Объединение Германии произвело в немецком обществе колоссальный эффект. Об этом А.А.Брусилов, лучший русский генерал Первой мировой войны, в своих мемуарах пишет: «В то время, т. е. в 1871 году, я был 15-летним юношей и отлично помню, как решительно все немцы, не исключая русско-подданных, от патриотического восторга с ума посходили и ничего не могли соображать, кроме победоносных гимнов и песен в честь и славу Германии. С тех пор, т. е. в течение почти половины столетия, немецкий патриотизм укреплялся и расширялся. Он впитывался в каждого немца с молоком матери и затем на школьной скамье развивался при помощи учителей и сверстников и далее на всем жизненном поприще каждого немца на службе, в портерной, в театре, на улице и т. д. Случалось беседовать с людьми, рекомендовавшимися социал-демократами и твердо исповедовавшими свои социалистические убеждения.

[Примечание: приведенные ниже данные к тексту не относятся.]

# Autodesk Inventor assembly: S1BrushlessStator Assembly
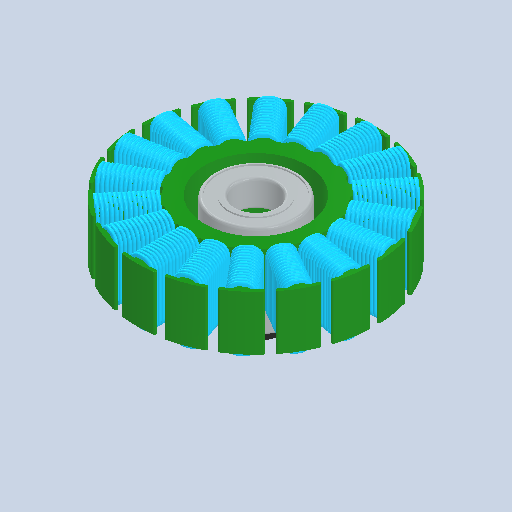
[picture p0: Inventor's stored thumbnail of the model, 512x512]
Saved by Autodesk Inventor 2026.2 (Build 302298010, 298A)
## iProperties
Created: 1601-01
Part Number: S1BrushlessStator Assembly
Document SubType Name: Assembly
Designer: mel
Author: mel
Part Number: Stator Assembly
Sending System: SOLIDWORKS 2023
Last Saved Date: 2025-04-02
last saved by: pierr
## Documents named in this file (6)
- C:\Users\mel\Downloads\18256-itec-20250709t050547z-1-001 (1)\ITEC\Ressources\ITEC00_SW_Appareil_de_massage\S1Appareil_de_massage\S1Appareil_de_massage\S1BrushlessStator Assembly.iam
- C:\Users\mel\Downloads\18256-itec-20250709t050547z-1-001 (1)\ITEC\Ressources\ITEC00_SW_Appareil_de_massage\S1Appareil_de_massage\S1Appareil_de_massage\S1BrushlessIron Core.ipt
- C:\Users\mel\Downloads\18256-itec-20250709t050547z-1-001 (1)\ITEC\Ressources\ITEC00_SW_Appareil_de_massage\S1Appareil_de_massage\S1Appareil_de_massage\S1BrushlessBearing.ipt
- C:\Users\mel\Downloads\18256-itec-20250709t050547z-1-001 (1)\ITEC\Ressources\ITEC00_SW_Appareil_de_massage\S1Appareil_de_massage\S1Appareil_de_massage\S1BrushlessMotor Windings.ipt
- C:\Users\mel\Downloads\18256-itec-20250709t050547z-1-001 (1)\ITEC\Ressources\ITEC00_SW_Appareil_de_massage\S1Appareil_de_massage\S1Appareil_de_massage\S1BrushlessRetaining Washer.ipt
- C:\Users\mel\Downloads\18256-itec-20250709t050547z-1-001 (1)\ITEC\Ressources\ITEC00_SW_Appareil_de_massage\S1Appareil_de_massage\S1Appareil_de_massage\S1BrushlessM3x0.5mm-5mm Button Head Screw.ipt
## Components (23 placed, 23 different names)
1. BrushlessIron Core-1
2. BrushlessBearing-1
3. BrushlessBearing-2
4. BrushlessMotor Windings-1
5. BrushlessMotor Windings-2
6. BrushlessMotor Windings-4
7. BrushlessMotor Windings-6
8. BrushlessMotor Windings-8
9. BrushlessMotor Windings-10
10. BrushlessMotor Windings-12
11. BrushlessMotor Windings-14
12. BrushlessMotor Windings-16
13. BrushlessMotor Windings-20
14. BrushlessMotor Windings-26
15. BrushlessMotor Windings-28
16. BrushlessMotor Windings-30
17. BrushlessMotor Windings-32
18. BrushlessMotor Windings-34
19. BrushlessMotor Windings-36
20. BrushlessMotor Windings-39
21. BrushlessMotor Windings-40
22. BrushlessRetaining Washer-1
23. BrushlessM3x0.5mm-5mm Button Head Screw-1
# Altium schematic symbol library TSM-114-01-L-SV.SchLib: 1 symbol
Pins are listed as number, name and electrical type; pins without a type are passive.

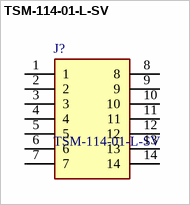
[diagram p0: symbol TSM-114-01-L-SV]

## TSM-114-01-L-SV
designator J?
Headers & Wire Housings .100" Surface Mount Terminal Strip; Manufacturer_Name: SAMTEC
footprint HUSRSP14W64P254_3556X254X838P
pins: 1, 2, 3, 4, 5, 6, 7, 8, 9, 10, 11, 12, 13, 14
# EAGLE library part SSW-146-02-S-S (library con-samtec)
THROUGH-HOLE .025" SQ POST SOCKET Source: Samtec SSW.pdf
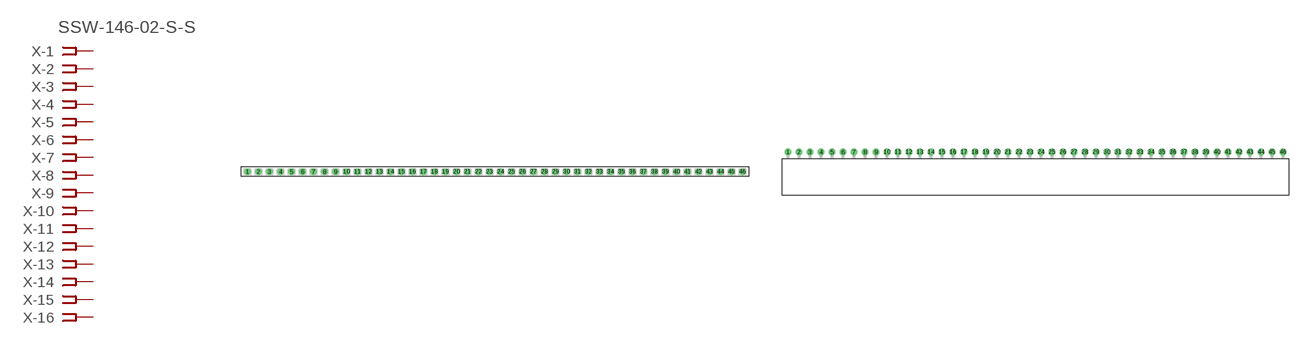
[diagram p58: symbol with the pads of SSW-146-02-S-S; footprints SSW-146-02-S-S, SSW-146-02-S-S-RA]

Designator prefix X; gates -1=FPINV -2=FPIN -3=FPIN -4=FPIN -5=FPIN -6=FPIN -7=FPIN -8=FPIN -9=FPIN -10=FPIN -11=FPIN -12=FPIN -13=FPIN -14=FPIN -15=FPIN -16=FPIN -17=FPIN -18=FPIN -19=FPIN -20=FPIN -21=FPIN -22=FPIN -23=FPIN -24=FPIN -25=FPIN -26=FPIN -27=FPIN -28=FPIN -29=FPIN -30=FPIN -31=FPIN -32=FPIN -33=FPIN -34=FPIN -35=FPIN -36=FPIN -37=FPIN -38=FPIN -39=FPIN -40=FPIN -41=FPIN -42=FPIN -43=FPIN -44=FPIN -45=FPIN -46=FPIN

## SSW-146-02-S-S (MPN: SSW-146-02-S-S; OC_FARNELL: unknown; OC_NEWARK: 12P0025)  [SSW-146-02-S-S]
1  -1:1  pas
2  -2:1  pas
3  -3:1  pas
4  -4:1  pas
5  -5:1  pas
6  -6:1  pas
7  -7:1  pas
8  -8:1  pas
9  -9:1  pas
10  -10:1  pas
11  -11:1  pas
12  -12:1  pas
13  -13:1  pas
14  -14:1  pas
15  -15:1  pas
16  -16:1  pas
17  -17:1  pas
18  -18:1  pas
19  -19:1  pas
20  -20:1  pas
21  -21:1  pas
22  -22:1  pas
23  -23:1  pas
24  -24:1  pas
25  -25:1  pas
26  -26:1  pas
27  -27:1  pas
28  -28:1  pas
29  -29:1  pas
30  -30:1  pas
31  -31:1  pas
32  -32:1  pas
33  -33:1  pas
34  -34:1  pas
35  -35:1  pas
36  -36:1  pas
37  -37:1  pas
38  -38:1  pas
39  -39:1  pas
40  -40:1  pas
41  -41:1  pas
42  -42:1  pas
43  -43:1  pas
44  -44:1  pas
45  -45:1  pas
46  -46:1  pas

## SSW-146-02-S-S-RA (MPN: SSW-146-02-S-S-RA; OC_FARNELL: unknown; OC_NEWARK: 12P0026)  [SSW-146-02-S-S-RA]
Pads as for SSW-146-02-S-S

## Footprint SSW-146-02-S-S (pad centres in mm)
THROUGH-HOLE .025" SQ POST SOCKET Source: Samtec SSW.pdf
drill 1 pad 1.5 octagon: 1 -57.15,0; 2 -54.61,0; 3 -52.07,0; 4 -49.53,0; 5 -46.99,0; 6 -44.45,0; 7 -41.91,0; 8 -39.37,0; 9 -36.83,0; 10 -34.29,0; 11 -31.75,0; 12 -29.21,0; 13 -26.67,0; 14 -24.13,0; 15 -21.59,0; 16 -19.05,0; 17 -16.51,0; 18 -13.97,0; 19 -11.43,0; 20 -8.89,0; 21 -6.35,0; 22 -3.81,0; 23 -1.27,0; 24 1.27,0; 25 3.81,0; 26 6.35,0; 27 8.89,0; 28 11.43,0; 29 13.97,0; 30 16.51,0; 31 19.05,0; 32 21.59,0; 33 24.13,0; 34 26.67,0; 35 29.21,0; 36 31.75,0; 37 34.29,0; 38 36.83,0; 39 39.37,0; 40 41.91,0; 41 44.45,0; 42 46.99,0; 43 49.53,0; 44 52.07,0; 45 54.61,0; 46 57.15,0

## Footprint SSW-146-02-S-S-RA (pad centres in mm)
THROUGH-HOLE .025" SQ POST SOCKET Source: Samtec SSW.pdf
drill 1 pad 1.5 octagon: 1 -57.15,1.524; 2 -54.61,1.524; 3 -52.07,1.524; 4 -49.53,1.524; 5 -46.99,1.524; 6 -44.45,1.524; 7 -41.91,1.524; 8 -39.37,1.524; 9 -36.83,1.524; 10 -34.29,1.524; 11 -31.75,1.524; 12 -29.21,1.524; 13 -26.67,1.524; 14 -24.13,1.524; 15 -21.59,1.524; 16 -19.05,1.524; 17 -16.51,1.524; 18 -13.97,1.524; 19 -11.43,1.524; 20 -8.89,1.524; 21 -6.35,1.524; 22 -3.81,1.524; 23 -1.27,1.524; 24 1.27,1.524; 25 3.81,1.524; 26 6.35,1.524; 27 8.89,1.524; 28 11.43,1.524; 29 13.97,1.524; 30 16.51,1.524; 31 19.05,1.524; 32 21.59,1.524; 33 24.13,1.524; 34 26.67,1.524; 35 29.21,1.524; 36 31.75,1.524; 37 34.29,1.524; 38 36.83,1.524; 39 39.37,1.524; 40 41.91,1.524; 41 44.45,1.524; 42 46.99,1.524; 43 49.53,1.524; 44 52.07,1.524; 45 54.61,1.524; 46 57.15,1.524

Но как только затрагивались вопросы о мировом значении Германии, эти с.д. сразу превращались в тигров, яростно требовавших для Германии всемирного владычества. Не знаю, как теперь, но до 1914 года включительно, по мнению немцев всех сословий, возрастов и положений (со спартаковцами мне не приходилось сталкиваться), Германия страна исключительная, предназначенная самим Богом к всемирной гегемонии, а все остальные народы, в особенности славяне, пригодны лишь унавоживать собой ниву, на которой немцы будут возделывать германскую культуру… Немцы презирали и побежденную ими Францию, и особенно Россию, варварски осмелившуюся отказаться со времени царствования Александра III таскать для них каштаны из огня, и всем сердцем непримиримо ненавидели Англию, захватившую массу лучших земель на всем Земном шаре и устроившую себе богатейшие колонии и торговые рынки в то время, когда новой Германской империи не существовало, этого немцы англичанам простить не могли».
Готовясь к переделу мира, Германия начала усиленную гонку вооружений, что заставляло ее соседей последовать ее примеру. «Эти вооружения, – пишет Брусилов, – делались с полного одобрения всей нации, идеалы которой неудержимо стремились к германскому всемирному владычеству. На кайзера, в немецком значении этого слова, возлагалась подготовка и ответственность за выполнение этого национального идеала. Обвинять Вильгельма II за эту войну – в высшей степени несправедливо, ибо он продукт своего народа и своего времени и исполнял лишь свое назначение. Если же винить кого-либо, то следует считать виновными всех немцев, весь германский народ, а не одиночных людей, как бы высоко они ни были поставлены. Кто видел, как я, Вильгельма II после ежегодного весеннего смотра войск в Берлине, окруженного знаменами с музыкой впереди, тот не может сказать, что виноват в войне один Вильгельм. В 1898 году я был одним из приглашенных на парад и ехал верхом сразу за императорским кортежем. И безумный восторг несметной толпы при виде кайзера со знаменами, ехавшего верхом от Темпельговского поля до самого дворца, подделать было нельзя. Народ явно приветствовал того вождя и регалии тех народных полчищ, на которых возлагалось выполнение народных идеалов и вожделений. То же самое впечатление я вынес на больших императорских маневрах, на которых я присутствовал в качестве гостя в 1907 году: народ, увидев кайзера, прорвал и опрокинул конную стражу, охранявшую императора, окружил его и стал целовать его ноги, сапоги, седло, лошадь… И война подготовлялась для всемирного порабощения народов и в первую голову – для поражения России и Франции, а затем, во вторую очередь, Англии».
Брусилов пишет, что «такой сильный, умный, практичный и работящий народ, как немцы, соединившись воедино в 1871–1876 гг., нарушил существовавшее до того европейское равновесие». Германии не хватало места для приложения своей энергии и все возрастающего количества населения, и она стала поглядывать на земли соседей. Но ее удерживала от агрессии угроза войны на два фронта, об опасности которой не раз предупреждал немцев Отто фон Бисмарк. Он называл союз Франции и России «кошмаром коалиций». Это угроза сдерживала правящие круги Германии до тех пор, пока Николай II не признал подписанным им миром с Японией своего поражения. Вот тогда в Берлине сочли, что с таким слабым противником, как Россия, им не страшна война даже на два фронта.